Now perform a similar statistical test comparing the AdjustedCompensation of those with Bachelor's degrees and those with Doctorates. If you haven't already, be sure to explore the distribution of the AdjustedCompensation feature for any anomalies. 

In [20]:
#Your code here
#Your code here
d_sal = df.AdjustedCompensation[df.FormalEducation == "Doctoral degree"].dropna()
#display(df.FormalEducation)
#b_sal = df.AdjustedCompensation[df.FormalEducation == "Bachelor's degree"]
print('masters degree mean salary',m_sal.mean(),', with stdev {}'.format(m_sal.std()), ",with {} samples".format(len(m_sal)))
print('bach degree mean salary',b_sal.mean(),', with stdev {}'.format(b_sal.std()), ",with {} samples".format(len(b_sal)))
print('Doc degree mean salary',d_sal.mean(),', with stdev {}'.format(d_sal.std()), ",with {} samples".format(len(d_sal)))
print("since they have different std deviation, we need welch's t-test (of course we shouldn't pre-test but I was curious.)")

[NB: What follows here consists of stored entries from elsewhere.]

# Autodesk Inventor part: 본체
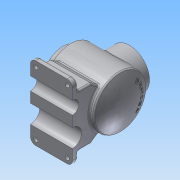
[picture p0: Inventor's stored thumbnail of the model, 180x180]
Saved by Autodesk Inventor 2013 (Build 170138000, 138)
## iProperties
Created: 2018-08
Part Number: 본체
Material: 알루미늄 6061
Document SubType Name: Modeling
Designer: user
Mass: 1872.73 g
Surface Area: 1087.55 cm^2
Volume: 691.045 cm^3
Density: 2.71 g/cm^3
Author: user
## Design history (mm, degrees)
sketch "스케치1"
  geometry: L1 (0, 0)-(0, 50); L2 (0, 50)-(96.671, 50); L3 (0, 0)-(108, 0); A1 r 116 centre (-8, 0) between (108, 0) and (96.671, 50)
  constraints: 6 end point, 2 point on circle, 1 centre point, 1 horizontal alignment, 1 parallel, 1 perpendicular, 1 vertical
  dimensions: "d4" = 108 distance of L1.start L3.end; "d5" = 116 radius of A1; "d6" = 100 diameter of L2 L3
revolve "회전1" sketch "스케치1" stored, may be unused: angle "d7" = 90 deg
node "작업 평면1"
sketch "스케치2"
  geometry: C1 r 38 at (0, 0); 1 further point
  constraints: 1 centre point, 1 coincident
  dimensions: "d9" = 76 diameter of C1
extrude "돌출1" join sketch "스케치2" stored distance "d10" = 10; taper "d11" = 0 deg
sketch "스케치3"
  geometry: L1 (-12, -38)-(-12, 38) reference; L2 (0, -38)-(0, 38) reference; L3 (96.671, -50)-(96.671, 50) reference; L4 (0, -50)-(0, 50) reference; L5 (96.671, -50)-(96.671, 50) reference; L6 (-12, 0)-(-12, 27); L7 (-12, 27)-(10, 27); L8 (10, 27)-(10, 40); L9 (-12, 0)-(98, 0); L10 (10, 40)-(90.163, 40); A1 r 116 centre (-8, 0) between (96.671, -50) and (96.671, 50) reference; A2 r 106 centre (-8, 0) between (98, 0) and (90.163, 40); 1 further point
  constraints: 10 end point, 3 perpendicular, 2 point on circle, 1 centre point, 1 midpoint, 1 parallel, 1 point on line
  dimensions: "d12" = 54 diameter of L7 L9; "d15" = 10 radial gap between concentric circles of A2 A1; "d16" = 80 diameter of L10 L9; "d17" = 22 distance of L6.end L7.end
revolve "회전2" sketch "스케치3" stored, may be unused: angle "d18" = 90 deg
node "작업 평면2"
sketch "스케치4"
  geometry: L1 (0, 50)-(0, -50) reference; L2 (0, 50)-(-96.671, 50) reference; L3 (-96.671, 50)-(-96.671, -50) reference; C1 r 38 at (-50, 0); 2 further points
  constraints: 1 centre point, 1 horizontal alignment, 1 midpoint
  dimensions: "d22" = 76 diameter of C1; "d23" = 50 distance from line of C1.centre L1
extrude "돌출2" join sketch "스케치4" stored distance "d24" = 10; taper "d25" = 0 deg
sketch "스케치5"
  geometry: C1 r 38 at (0, 0) reference; 2 further points
  constraints: 1 coincident
hole "구멍1" sketch "스케치5" at (0, 0) diameter "d26" = 54; stored, may be unused: countersink angle "d30" = 90 deg, drill point angle "d32" = 0 deg; dims "d27" = 6, "d28" = 4, "d29" = 2, "d31" = 50
sketch "스케치6"
  geometry: C1 r 27 at (0, 0) reference; 2 further points
  constraints: 1 vertical alignment
  dimensions: "d33" = 32.5 distance of point (0, 32.5) point (0, 0)
hole "구멍2" sketch "스케치6" at (0, 32.5) diameter "d34" = 3.242; stored, may be unused: countersink angle "d38" = 90 deg, drill point angle "d40" = 118 deg; dims "d35" = 8, "d36" = 4, "d37" = 2, "d39" = 10
sketch "스케치7"
  geometry: C1 r 27 at (0, 0) reference; 2 further points
  constraints: 1 vertical alignment
  dimensions: "d44" = 32.5 distance of point (0, 32.5) C1.centre
hole "구멍3" sketch "스케치7" at (0, 32.5) diameter "d45" = 3.242; stored, may be unused: countersink angle "d49" = 90 deg, drill point angle "d51" = 118 deg; dims "d46" = 8, "d47" = 4, "d48" = 2, "d50" = 10
fillet "모깎기1" dims "d55" = 3
node "작업 평면3"
sketch "스케치8"
  geometry: L1 (88, -70)-(8, -70); L2 (8, -70)-(8, 70); L3 (8, 70)-(88, 70); L4 (88, 70)-(88, -70); L5 (88, -70)-(8, 70); L6 (8, -70)-(88, 70); L7 (-12, -38)-(-12, 38) reference; L8 (0, -47)-(0, 47) reference; 3 further points
  constraints: 12 end point, 3 midpoint, 2 parallel, 1 horizontal, 1 horizontal alignment, 1 perpendicular
  dimensions: "d57" = 80 distance of L2.end L3.end; "d59" = 140 distance of L3.end L1.start; "d72" = 8 distance between parallel lines of L2 L8
extrude "돌출3" join sketch "스케치8" distance "d61" = 10; taper "d62" = 0 deg
fillet "모깎기2" dims "d63" = 10
sketch "스케치9"
  geometry: A1 r 10 centre (18, 60) between (18, 70) and (8, 60) reference; A2 r 10 centre (78, 60) between (88, 60) and (78, 70) reference; A3 r 10 centre (78, -60) between (78, -70) and (88, -60) reference; A4 r 10 centre (18, -60) between (8, -60) and (18, -70) reference; 5 further points
  constraints: 4 coincident
hole "구멍4" sketch "스케치9" at (18, 60), (78, 60), (78, -60), (18, -60) diameter "d64" = 8; stored, may be unused: countersink angle "d68" = 90 deg, drill point angle "d70" = 118 deg; dims "d65" = 8, "d66" = 4, "d67" = 2, "d69" = 10
node "작업 평면5"
  node "작업 평면4"
sketch "스케치10"
  geometry: L1 (-72.137, 50)-(-46.45, 50); L2 (-46.45, 50)-(-31.032, 39.204); L3 (-72.137, 0)-(-50, 0); L4 (-82, 70)-(-72, 70) reference; L5 (-72, 60)-(-72, -60) reference; L6 (-72.137, 50)-(-72.137, 0); A1 r 50 centre (0, 0) between (-50, 0) and (-31.032, 39.204) reference; A2 r 50 centre (0, 0) between (-31.032, 39.204) and (-50, 0); 2 further points
  constraints: 8 end point, 4 point on circle, 1 centre point, 1 concentric, 1 horizontal, 1 parallel, 1 point on line
  dimensions: "d75" = 35 deg angle of L2 L4; "d76" = 20 distance between parallel lines of L1 L4
extrude "돌출4" join sketch "스케치10" stored distance "d77" = 80; taper "d78" = 0 deg
sketch "스케치11"
  geometry: L1 (0, 10)-(10, 10) reference; L2 (0, 0)-(0, 10) reference; L3 (0, 0)-(120, 0) reference; L4 (120, 10)-(120, 0) reference; L5 (110, 10)-(120, 10) reference; L6 (110, 10)-(110, 35.55) reference; L7 (110, 35.55)-(99.204, 50.968) reference; L8 (10, 35.55)-(20.796, 50.968) reference; L9 (10, 10)-(10, 35.55) reference; C1 r 17.5 at (37.5, 0); C2 r 12.5 at (87.5, 0); A1 r 50 centre (60, 82) between (20.796, 50.968) and (99.204, 50.968) reference; 1 further point
  constraints: 2 centre point, 2 point on line
  dimensions: "d79" = 17.5 radius of C1; "d80" = 12.5 radius of C2; "d81" = 27.5 horizontal distance of C2.centre point (60, 82); "d82" = 22.5 horizontal distance of C1.centre point (60, 82)
extrude "돌출5" cut sketch "스케치11" stored distance "d83" = 80; taper "d84" = 0 deg
node "작업 평면6"
sketch "스케치12"
  geometry: C1 r 32.5 at (0, 0); 1 further point
  constraints: 1 centre point, 1 coincident, 1 other
  dimensions: "d86" = 65 diameter of C1
feature "엠보싱1" sketch "스케치12" dims "d4" = 108, "d5" = 116, "d6" = 100, "d87" = 0.5, "d88" = 0
chamfer "모따기1" distance "d89" = 1; stored, may be unused: second distance "d90" = 2, angle "d91" = 45 deg
fillet "모깎기4" dims "d92" = 3
fillet "모깎기5" dims "d93" = 3
fillet "모깎기6" dims "d94" = 3
fillet "모깎기7" dims "d95" = 3
node "솔리드1"
pattern_circular "원형 패턴1" dims angle "d42" = 360 deg
pattern_circular "원형 패턴2" dims angle "d53" = 360 deg
mirror "대칭1"
node "투영된 루프1"
node "투영된 루프2"
node "투영된 루프3"
node "투영된 루프4"
node "투영된 루프5"
node "투영된 루프6"
other parameters: "d8" = -12, "d19" = 65, "d56" = -82, "d73" = 8, "d85" = 135

print('welch t: ', welch_t(d_sal, b_sal))
print('welch df:', welch_df(d_sal, b_sal))
#imported pvalue doesn't work, so...
def p_value(a, b, two_sided=False):
    # Your code here
    from scipy import stats
    t = welch_t(a, b)
    df = welch_df(a, b)
    p = 1 - stats.t.cdf(t, df)
    if two_sided:
        return p*2
    else:
        return p
     # Return the p-v
print('welch p:', p_value(d_sal, b_sal, two_sided = False))
print("That is a significant p value")

masters degree mean salary 69139.8998712 , with stdev 135527.2085045828 ,with 1990 samples
bach degree mean salary 64887.097994618794 , with stdev 306935.8723879783 ,with 1107 samples
Doc degree mean salary 29566175.762453098 , with stdev 909998082.3346785 ,with 967 samples
since they have different std deviation, we need welch's t-test (of course we shouldn't pre-test but I was curious.)
welch t:  1.0081234695549772
welch df: 966.0001919995985
welch p: 0.15682381994720251
That is a significant p value


## Wages and Education III

Remember the multiple comparisons problem; rather than continuing on like this, perform an ANOVA test between the various 'FormalEducation' categories and their relation to 'AdjustedCompensation'.

In [23]:
#Your code here
import pandas as pd
import statsmodels.api as sm
from statsmodels.formula.api import ols
df2 = df[['FormalEducation','AdjustedCompensation']].dropna()
df2.head()
formula = 'AdjustedCompensation ~ C(FormalEducation)'
lm = ols(formula, df2).fit()
table = sm.stats.anova_lm(lm, typ=2)
print(table)

                          sum_sq      df         F    PR(>F)
C(FormalEducation)  6.540294e+17     6.0  0.590714  0.738044
Residual            7.999414e+20  4335.0       NaN       NaN


In [24]:
#groups = {'1':data1, ...}
f_stat, p = stats.f_oneway(b_sal, m_sal, d_sal) 
display(f_stat, p)

1.6276474409881452

0.19651914373154994

## Additional Resources

Here's the original source where the data was taken from:  
    [Kaggle Machine Learning & Data Science Survey 2017](https://www.kaggle.com/kaggle/kaggle-survey-2017)

## Summary

In this lab, you practiced conducting actual hypothesis tests on actual data. From this, you saw how dependent results can be on the initial problem formulation, including preprocessing!